As the chair of ASEAN in its fiftieth year, the Philippines has a unique opportunity to shine a spotlight on Southeast Asia’s most pressing political and security challenges. No stranger to the difficulties in the South China Sea, the Philippines is seeing new evolutions to its trials: first, in the form of Chinese vessels loitering in Benham Rise and, second, in the prospect of Chinese construction on Scarborough Shoal.
In light of these events, the Philippines must continue to take pains to uphold its sovereign rights and defend its national interests against unlawful or unilateral action.
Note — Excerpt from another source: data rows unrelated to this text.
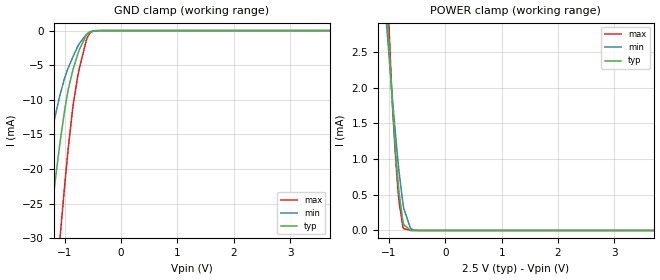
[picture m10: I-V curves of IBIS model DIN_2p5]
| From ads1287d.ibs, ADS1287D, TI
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|   Model
[Model]   DIN_2p5
Model_type   Input
Vinl = 0.75
Vinh = 1.75
|   typ   min   max
C_comp   2.259pF   1.924pF   2.539pF
[Voltage Range]   2.5   2.2   2.8
[Temperature Range]   27   125   -40
[Power Clamp Reference]   2.5   2.2   2.8
[GND Clamp Reference]   0   0   0
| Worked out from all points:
|   GND clamp passes 1 mA (typ) near -0.64 V on its own axis
|   POWER clamp passes 1 mA (typ) near -0.87 V on its own axis
[GND Clamp]
|   Voltage   I(typ)   I(min)   I(max)
-2.5V     -136.1mA   -88.5mA    -181.5mA
-1.532V   -49.29mA   -28.94mA   -76mA
-1.353V   -34.92mA   -20.1mA    -56.91mA
-1.248V   -27.11mA   -15.47mA   -46.06mA
-1.075V   -15.63mA   -8.997mA   -29.07mA
-962.5mV  -9.573mA   -5.883mA   -19mA
-850mV    -5.526mA   -3.695mA   -10.65mA
-745mV    -2.811mA   -1.907mA   -5.573mA
-617.5mV  -624.2uA   -552.4uA   -1.392mA
-550mV    -166.2uA   -241.1uA   -357.5uA
-392.5mV  -2.502uA   -19.12uA   -2.534uA
5V        0A         0A         0A
[POWER Clamp]
|   Voltage   I(typ)   I(min)   I(max)
-2.5V     32.31mA    25.39mA    39.43mA
-1.038V   3.118mA    2.832mA    3.592mA
-1.03V    3.005mA    2.754mA    3.437mA
-962.5mV  2.068mA    2.075mA    2.155mA
-932.5mV  1.693mA    1.787mA    1.674mA
-880mV    1.093mA    1.307mA    985.3uA
-842.5mV  716.5uA    990.3uA    590.9uA
-820mV    520.3uA    814.2uA    392.7uA
-737.5mV  80.72uA    306.8uA    26.65uA
-617.5mV  1.215uA    30.69uA    123nA
-512.5mV  3.553nA    1.842uA    0A
5V        0A         0A         0A
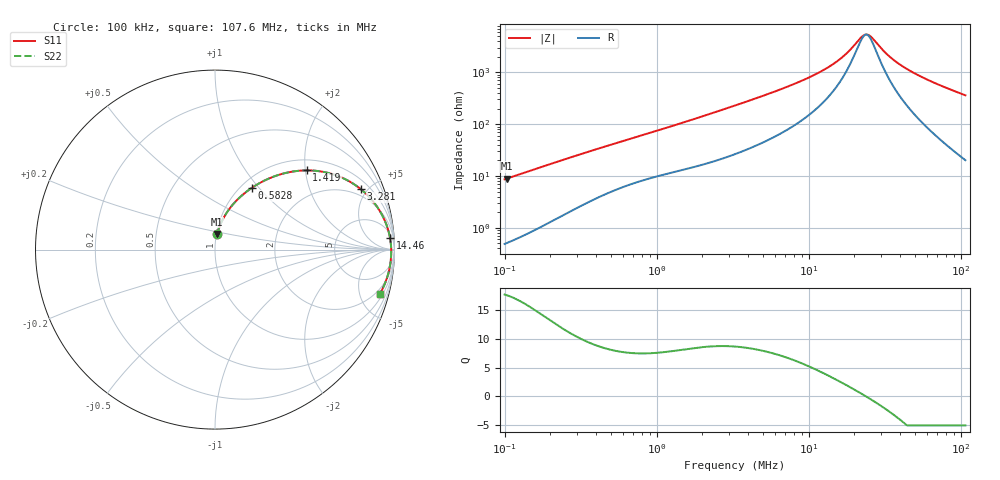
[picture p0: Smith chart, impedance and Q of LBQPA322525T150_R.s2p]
! LBQPA322525T150_R  S-PARAMETER MODEL  ( General Type )
! Model Generated by TAIYO YUDEN Corporation (http://www.ty-top.com)
! Version 1.0
! TAIYO YUDEN Control No. 191025NI43SB-FBB
! Copyright(c) 2019 TAIYO YUDEN CO.,LTD. All Rights Reserved.
! Product Description (link to TY-COMPAS)
! https://ds.yuden.co.jp/TYCOMPAS/or/detail?pn=LBQPA322525T150KR&u=M
! Products Name : Inductors
! Characteristics :
!  Inductance : 15 uH , SRF(min) : 20 MHz , DC Resistance(max) : 0.2535 Ohm
!  Rated Current : Saturation :730 mA , Temp Rise : 590 mA (20 degC)
!  Case Size : 3.2 x 2.5 / 0.126 x 0.098 [mm/inch] , Thickness : 2.5 / 0.098 [mm/inch]
!  (Conditions: Temperature = 25 degC , DC Bias Current/Voltage = 0A / 0V)
! External Node Assignments :
!  1  o---GGG---o  2
! GND o---------o GND
! Frequency Range : 0.1MHz  -  107.617193MHz  [ 402 STEP ]
# MHz S RI R 50
! Freq[MHz].  S11 Real  S11 Imag  S21 Real  S21 Imag  S12 Real  S12 Imag  S22 Real  S22 Imag
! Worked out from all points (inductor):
!   401 points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, 100 kHz to 107.6 MHz, reference 50 ohm
!   read as one part in series: L = 13.7 uH near 103.6 kHz
!   highest Q = 17.5 at 103.6 kHz (marker M1), where L = 13.7 uH
!   self-resonance near 23.93 MHz
!   S11 on the Smith chart (normalised r, x): 100 kHz: 1.01, +0.17; 582.8 kHz: 1.12, +0.91; 1.419 MHz: 1.25, +2.04; 3.281 MHz: 1.53, +4.56; 14.46 MHz: 10, +27; 107.6 MHz: 1.40, -7.21
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0.1  0.0122 0.0848  0.9878 -0.0848  0.9878 -0.0848  0.0122 0.0848
0.103552  0.0129 0.0877  0.9871 -0.0877  0.9871 -0.0877  0.0129 0.0877
0.194101  0.0379 0.157  0.9621 -0.157  0.9621 -0.157  0.0379 0.157
0.321988  0.088 0.2372  0.912 -0.2372  0.912 -0.2372  0.088 0.2372
0.582841  0.204 0.3433  0.796 -0.3433  0.796 -0.3433  0.204 0.3433
1.036765  0.3863 0.4253  0.6137 -0.4253  0.6137 -0.4253  0.3863 0.4253
1.419433  0.5113 0.4413  0.4887 -0.4413  0.4887 -0.4413  0.5113 0.4413
2.08386  0.6667 0.4166  0.3333 -0.4166  0.3333 -0.4166  0.6667 0.4166
3.280506  0.8138 0.3356  0.1862 -0.3356  0.1862 -0.3356  0.8138 0.3356
6.257342  0.9276 0.199  0.0724 -0.199  0.0724 -0.199  0.9276 0.199
10.56285  0.9652 0.1083  0.0348 -0.1083  0.0348 -0.1083  0.9652 0.1083
14.46158  0.9755 0.0636  0.0245 -0.0636  0.0245 -0.0636  0.9755 0.0636
17.83085  0.9793 0.0364  0.0207 -0.0364  0.0207 -0.0364  0.9793 0.0364
22.37218  0.9815 0.00827  0.0185 -0.00827  0.0185 -0.00827  0.9815 0.00827
23.98983  0.9818 -0.000303  0.0182 0.000303  0.0182 0.000303  0.9818 -0.000303
24.842  0.9819 -0.00459  0.0181 0.00459  0.0181 0.00459  0.9819 -0.00459
26.17735  0.9819 -0.0111  0.0181 0.0111  0.0181 0.0111  0.9819 -0.0111
34.01114  0.9807 -0.0443  0.0193 0.0443  0.0193 0.0443  0.9807 -0.0443
41.20956  0.9781 -0.0704  0.0219 0.0704  0.0219 0.0704  0.9781 -0.0704
53.54187  0.9713 -0.11  0.0287 0.11  0.0287 0.11  0.9713 -0.11
74.59468  0.9542 -0.1695  0.0458 0.1695  0.0458 0.1695  0.9542 -0.1695
107.6172  0.9167 -0.2497  0.0833 0.2497  0.0833 0.2497  0.9167 -0.2497

Nine months after the country’s success at The Hague-based Arbitral Tribunal, the government has taken on the task of working with fellow claimants and ASEAN members to finalize a framework for the long-awaited Code of Conduct for the South China Sea. Thus far, however, the administration has not taken the opportunity to reaffirm the award nor address its significance to the region and the rules-based order that Southeast Asia has benefited from.
This forum, entitled “The South China Sea: The Philippines, ASEAN, and their International Partners” held on April 25, Tuesday, brought together perspectives on the maritime challenges and on how the country can act independently and in unison with its neighbors and friends to build support for and ensure the rule of international law and to safeguard the stability of Southeast Asia.